Trwa ładowanie...
Notowania
Przejdź na

Inwestycja w mieszkanie. Po ilu latach nam się zwróci?

40
Podziel się:

Ożywienie na pierwotnym rynku mieszkaniowym trwa już 5 lat. Czy inwestycje w mieszkania to faktycznie najlepszy dziś interes? Sprawie przyjrzał się portal RynekPierwotny.pl.

Roczny dochód z wynajmu powinien uwzględniać koszty własne właściciela, a więc czynsz administracyjny, zryczałtowany podatek od dochodów z wynajmu, koszty napraw i remontów czy półtoramiesięczny okres bez dochodu z racji zmiany najemcy.
Roczny dochód z wynajmu powinien uwzględniać koszty własne właściciela, a więc czynsz administracyjny, zryczałtowany podatek od dochodów z wynajmu, koszty napraw i remontów czy półtoramiesięczny okres bez dochodu z racji zmiany najemcy. (East News/ARKADIUSZ ZIOLEK)

Cykliczne ożywienie na pierwotnym rynku mieszkaniowym, które właśnie świętuje już piątą rocznicę, zawdzięcza swój historyczny potencjał przede wszystkim nabywcom gotówkowo-inwestycyjnym.
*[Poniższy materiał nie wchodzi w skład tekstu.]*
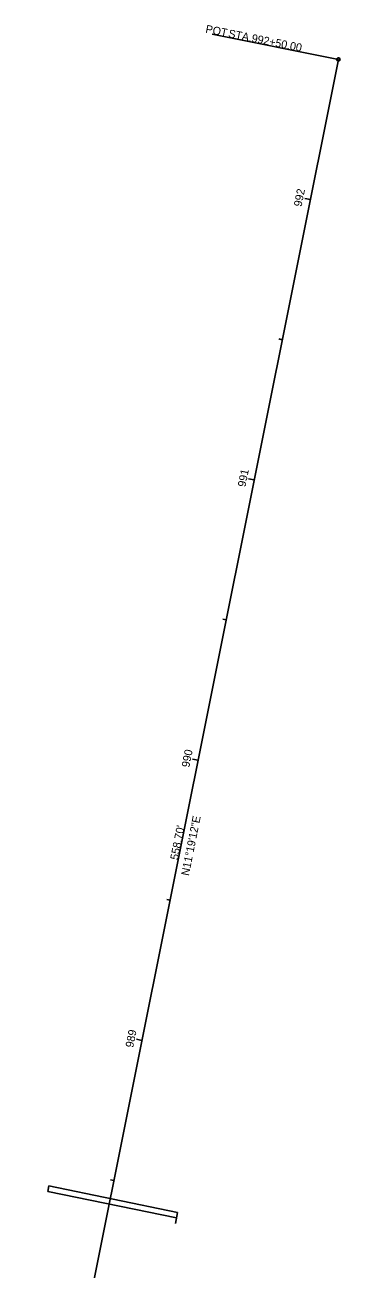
# Model space of a CAD drawing. Extents: x 2227316 to 2230534, y 679272 to 682221.
# Drawn here: x 2228282.4 to 2228392.6, y 680566.5 to 681001.7 of the extents above; entities that cross this region are included whole.
import ezdxf

# ---------------------------------------------------------------- set-up
doc = ezdxf.new("R2010")
doc.units = 0
for name, color, linetype in [('GE_X_Alignment', 7, 'Continuous'), ('GE_X_Alignment_100_Bearings', 7, 'Continuous'), ('GE_X_Alignment_100_Cardinal_Points', 7, 'Continuous'), ('GE_X_Alignment_100_Distances', 7, 'Continuous'), ('GE_X_Alignment_100_Stations', 7, 'Continuous'), ('SC_Scratch1', 7, 'Continuous'), ('SC_Scratch3', 7, 'Continuous')]:
    doc.layers.add(name, color=color, linetype=linetype)

msp = doc.modelspace()

# ---------------------------------------------------------------- linework, layer by layer
at = {"layer": 'GE_X_Alignment'}
msp.add_line((2228282.37, 680441.81), (2228392.03, 680989.64), dxfattribs=at)
at = {"layer": 'GE_X_Alignment_100_Cardinal_Points'}
msp.add_line((2228392.03, 680989.64), (2228347.91, 680998.48), dxfattribs=at)
msp.add_circle((2228392.03, 680989.64), 0.6, dxfattribs=at)
at = {"layer": 'GE_X_Alignment_100_Stations'}
for p, q in [((2228382.22, 680940.62), (2228380.26, 680941.01)), ((2228372.41, 680891.59), (2228371.23, 680891.83)), ((2228362.59, 680842.57), (2228360.63, 680842.96)), ((2228352.78, 680793.54), (2228351.6, 680793.77)), ((2228342.96, 680744.51), (2228341, 680744.9)), ((2228333.15, 680695.48), (2228331.97, 680695.72)), ((2228323.33, 680646.46), (2228321.37, 680646.85)), ((2228313.52, 680597.43), (2228312.34, 680597.66))]:
    msp.add_line(p, q, dxfattribs=at)
at = {"layer": 'SC_Scratch1'}
msp.add_line((2228282.37, 680441.81), (2228392.03, 680989.64), dxfattribs=at)
at = {"layer": 'SC_Scratch3'}
for p, q in [((2228290.77, 680595.58), (2228290.39, 680593.61)), ((2228335.42, 680584.34), (2228290.39, 680593.61)), ((2228335.8, 680586.3), (2228290.73, 680595.58)), ((2228335.8, 680586.3), (2228335.04, 680582.37))]:
    msp.add_line(p, q, dxfattribs=at)

# ---------------------------------------------------------------- texts
at = {"layer": 'GE_X_Alignment_100_Bearings'}
msp.add_text('N11°19\'12"E', height=2.8, rotation=78.68, dxfattribs=at).set_placement((2228339.73, 680703.89))
at = {"layer": 'GE_X_Alignment_100_Cardinal_Points'}
for s, p in [('POT', (2228345.37, 680999.02)), (' STA. ', (2228352.36, 680997.62)), ('992+50.00', (2228361.5, 680995.79))]:
    msp.add_text(s, height=2.8, rotation=348.68, dxfattribs=at).set_placement(p)
at = {"layer": 'GE_X_Alignment_100_Distances'}
msp.add_text("558.70'", height=2.8, rotation=78.68, dxfattribs=at).set_placement((2228335.9, 680709.42))
at = {"layer": 'GE_X_Alignment_100_Stations'}
for s, p in [('992', (2228379.14, 680937.96)), ('991', (2228359.51, 680839.9)), ('990', (2228339.87, 680741.8)), ('989', (2228320.25, 680643.78))]:
    msp.add_text(s, height=2.8, rotation=78.68, dxfattribs=at).set_placement(p)

doc.saveas('drawing.dxf')

To oni są główną siłą napędową koniunkturalnej prosperity, owocującej corocznymi rekordami sprzedaży nowych mieszkań.

Mieszkaniówka ponad wszystko

W Polsce od dawna inwestycje w nieruchomości, ze szczególnym uwzględnieniem tych mieszkaniowych, uznawane były za jedną z najbardziej pewnych form lokowania kapitałów. Z kolei od momentu osiągnięcia przez krajowe stopy procentowe historycznie najniższych poziomów, popularność mieszkań jako długoterminowych rozwiązań inwestycyjnych osiągnęła w Polsce poziom dotąd niespotykany.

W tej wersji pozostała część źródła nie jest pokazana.